Angry protesters marched through cities, blocked roads, and massed outside government buildings to protest hikes in utility prices that went into effect at the start of this year.
Under the sweeping housing reform, residents will gradually be made to pay for the total cost of utilities, which are still now partly subsidized by the state. Another housing law coming into effect next year would also allow authorities to evict residents who fail to pay utility bills.
In the Far Eastern city of Khabarovsk -- where utility costs have risen by up to 40 percent since the beginning of the year -- protesters on March 4 demanded the resignation of President Vladimir Putin and his government.
Russian protesters, particularly pensioners, say their incomes are barely enough to cover the rising cost of utilities. They also accuse the authorities of backpeddling on their pledge not to raise tariffs by more than 20 percent annually. In 2005, utility costs increased by 32.7 percent nationwide, and in January 2006 alone, they rose by up to 40 percent in some regions.
Initially, such protests called mainly for the abolition of the housing reform. But the authorities' consistent indifference in the face of repeated rallies seems to be fostering growing calls for political change.
What is significant about these protests is the fact that many of them are no longer organized by political parties, but by citizens themselves.
Carine Clement, a French woman who runs the Moscow-based Institute for Collective Action, an organization founded two years ago to help coordinate grassroots civil rights groups. The organization operates on a voluntary basis and relies on small grants and donations from private individuals.
Clement says ordinary Russians are starting to take their fate into their own hands because they feel increasingly alienated from both the authorities and the major political parties: "In order to run for office,you need either to have a registered party, to meet thousands of conditions, or to be accepted by the president to enter the Public Chamber or the human rights council under the president. It is all controlled and closed for spontaneous and independent initiatives from below. This is why there are good chances that all these grassroots movements will develop into a rather tough opposition to the authorities."
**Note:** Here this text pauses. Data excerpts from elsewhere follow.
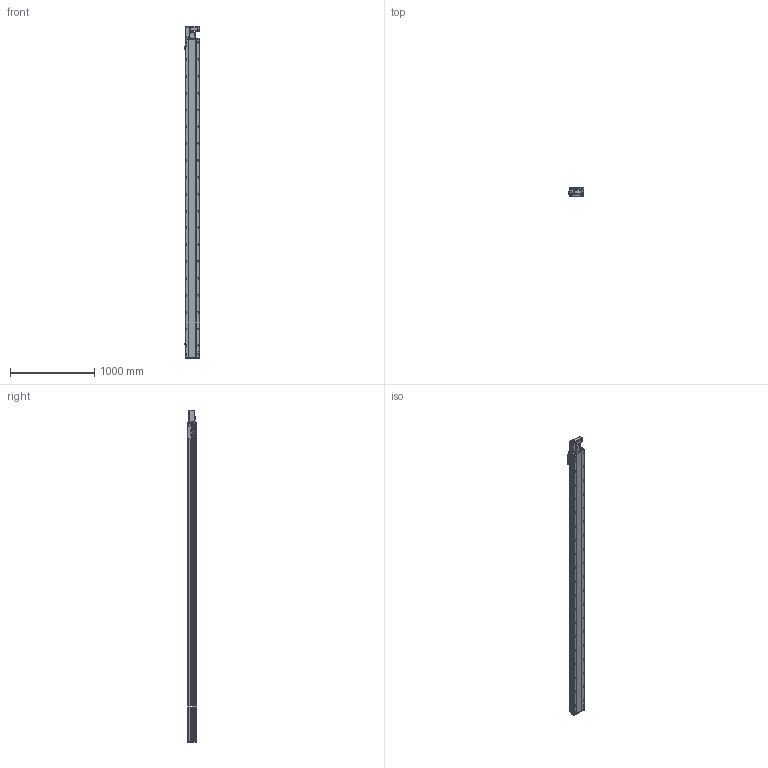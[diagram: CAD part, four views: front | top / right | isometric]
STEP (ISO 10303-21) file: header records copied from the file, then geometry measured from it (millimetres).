
FILE_DESCRIPTION (( 'STEP AP214' ), '1' );
FILE_NAME ('RTB17S-XX-3500-L-M40-C4.STEP', '2025-12-11T06:08:47', ( '' ), ( '' ), 'SwSTEP 2.0', 'SolidWorks 2018', '' );
FILE_SCHEMA (( 'AUTOMOTIVE_DESIGN' ));
Length unit declared in the file: millimetre
Products named in the file (14): RMP17S-L-014-T20--々湍釱^RTB17S-L-々湍釱蚾饜-400W_RTB17S-XX-XX-L-M40-C4; RTB17S-L-々湍釱蚾饜-400W^RTB17S-XX-XX-L-M40-C4; RTB14-L-017P^RTB17S-L-々湍釱蚾饜-400W_RTB17S-XX-XX-L-M40-C4; RTB14-L-008-M20--萇儂啣^RTB17S-L-々湍釱蚾饜-400W_RTB17S-XX-XX-L-M40-C4; RTB17S-XX-3500-L-M40-C4; RTB17S-L-007奻裔^RTB17S-XX-XX-L-M40-C4; RTB14-L-005P--轴承塑胶压盖^RTB17S-L-皮带座装配-400W_RTB17S-XX-XX-L-M40-C4; RTH13-BL-012覜茼え俋离^RTB17S-XX-XX-L-M40-C4; RTB14-L-018P^RTB17S-L-々湍釱蚾饜-400W_RTB17S-XX-XX-L-M40-C4; RTB17S-L-001耜醱啣^RTB17S-XX-XX-L-M40-C4; RTB17-R-011菁釱^RTB17S-XX-XX-L-M40-C4; 400W侜督萇儂^RTB17S-XX-XX-L-M40-C4; RTB17S-L-004佪裝蹟譫蟀諉釱^RTB17S-XX-XX-L-M40-C4; OMRON EE-SX672 传感器^RTB17S-XX-XX-L-M40-C4
Assembly tree (16 placements, depth 3):
  RTB17S-XX-3500-L-M40-C4
    RTB17-R-011菁釱^RTB17S-XX-XX-L-M40-C4
    RTB17S-L-007奻裔^RTB17S-XX-XX-L-M40-C4
    OMRON EE-SX672 传感器^RTB17S-XX-XX-L-M40-C4  x3
    RTB17S-L-001耜醱啣^RTB17S-XX-XX-L-M40-C4
    400W侜督萇儂^RTB17S-XX-XX-L-M40-C4
    RTB17S-L-004佪裝蹟譫蟀諉釱^RTB17S-XX-XX-L-M40-C4
    RTH13-BL-012覜茼え俋离^RTB17S-XX-XX-L-M40-C4
    RTB17S-L-々湍釱蚾饜-400W^RTB17S-XX-XX-L-M40-C4
      RMP17S-L-014-T20--々湍釱^RTB17S-L-々湍釱蚾饜-400W_RTB17S-XX-XX-L-M40-C4
      RTB14-L-005P--轴承塑胶压盖^RTB17S-L-皮带座装配-400W_RTB17S-XX-XX-L-M40-C4
      RTB14-L-008-M20--萇儂啣^RTB17S-L-々湍釱蚾饜-400W_RTB17S-XX-XX-L-M40-C4
      RTB14-L-017P^RTB17S-L-々湍釱蚾饜-400W_RTB17S-XX-XX-L-M40-C4  x2
      RTB14-L-018P^RTB17S-L-々湍釱蚾饜-400W_RTB17S-XX-XX-L-M40-C4
Bounding box: 186 x 108 x 3941 mm (x, y, z)
Volume: 32759005.9 mm3; surface area: 3722192.6 mm2
Topology: 15 solids, 15 shells, 2413 faces, 6789 edges, 4437 vertices
Faces by surface type: plane 1094, cylinder 871, bspline 301, cone 139, torus 8
Entity records: 72617 total; most frequent: CARTESIAN_POINT 20794, ORIENTED_EDGE 10422, DIRECTION 9566, EDGE_CURVE 5211, VERTEX_POINT 3425, AXIS2_PLACEMENT_3D 3355, VECTOR 2856, LINE 2856

The institute created the Union of Coordination Councils, a coalition of small civil groups born out of the protest over monetization of benefits last year. This group now focuses on fighting the housing reform.
But the institute also collaborates with a wide range of groups, from pensioners to anarchists, students, teachers, trade unions, and private residents.
Along with pensioners, students have been among the most active protesters over the past year.
The Putin government has angered students by replacing most social benefits with cash payments. And, starting this year, many more students will have to pay tuition fees for education.
Students have used the Internet to coordinate their protests. In 2005, Aleksandr Korsunov, a 23-year-old economics graduate, founded an independent Internet-based opposition movement called "Say No." The campaign urges young Russians to defend their rights and works closely with a range of other youth organizations.
Korsunov says the organization's website aims to fill the information gap left by state-run media: "The authorities are limiting access to information, and as a result voters are turning into zombies. We think that people need to be given the whole picture in order to make the right choice. We tell people what is happening and try to persuade them to take action and get out there and support initiatives, for example the terrible state of affairs in our army because of hazings. We hope that the current political line will change, because we already have an authoritarian model."
Civil protest has also come from unexpected quarters. On February 12, thousands of outraged motorists rallied in 22 Russian cities to protest the jailing of Oleg Shcherbinsky, a railway worker who was sentenced to four years in a labor colony in February for failing to make way for a speeding Mercedes carrying the Altai region's governor. After hitting Shcherbinsky's car from behind, the Mercedes crashed into a tree, instantly killing the governor, his bodyguard, and his driver.
The protesters denounced the impunity enjoyed by government cars, which they say jump traffic lights, drive into oncoming traffic, and break the speed limit, while ordinary citizens are subject to constant harassment from traffic police, who routinely demand bribes.
The rally was organized by Freedom of Choice, a motorists' lobby group. Its coordinator, Vyacheslav Lysakov, says the group defends the interests of what he describes as the "backbone of society" -- people between 25 and 50 years old who have a car, a cellular telephone, and Internet access.
But the ultimate aim of Freedom of Choice, he says, is a bottom-up consolidation of civil society: "In nine months, we have achieved quite a lot. We have attracted the attention of society, of the power vertical, of the media. We have raised questions that concern many millions of people. The effect is not so much in the concrete results that we have achieved, as in the fact that we have forced people to display their civic activity, believe in their strength, and understand that some things depend on them. The social aim of our movement is the formation of civil society."
Many grassroots protest groups do not expect Russia to have its own version of the Orange Revolution, which toppled the Kremlin-friendly government in Ukraine in 2004.
But grassroots civil activists such as Clement, Korsunov, and Lysakov say they are confident that civil protest movements have the power to influence policymaking and generate major changes, provided they are able to form a united and coordinated front against the authorities.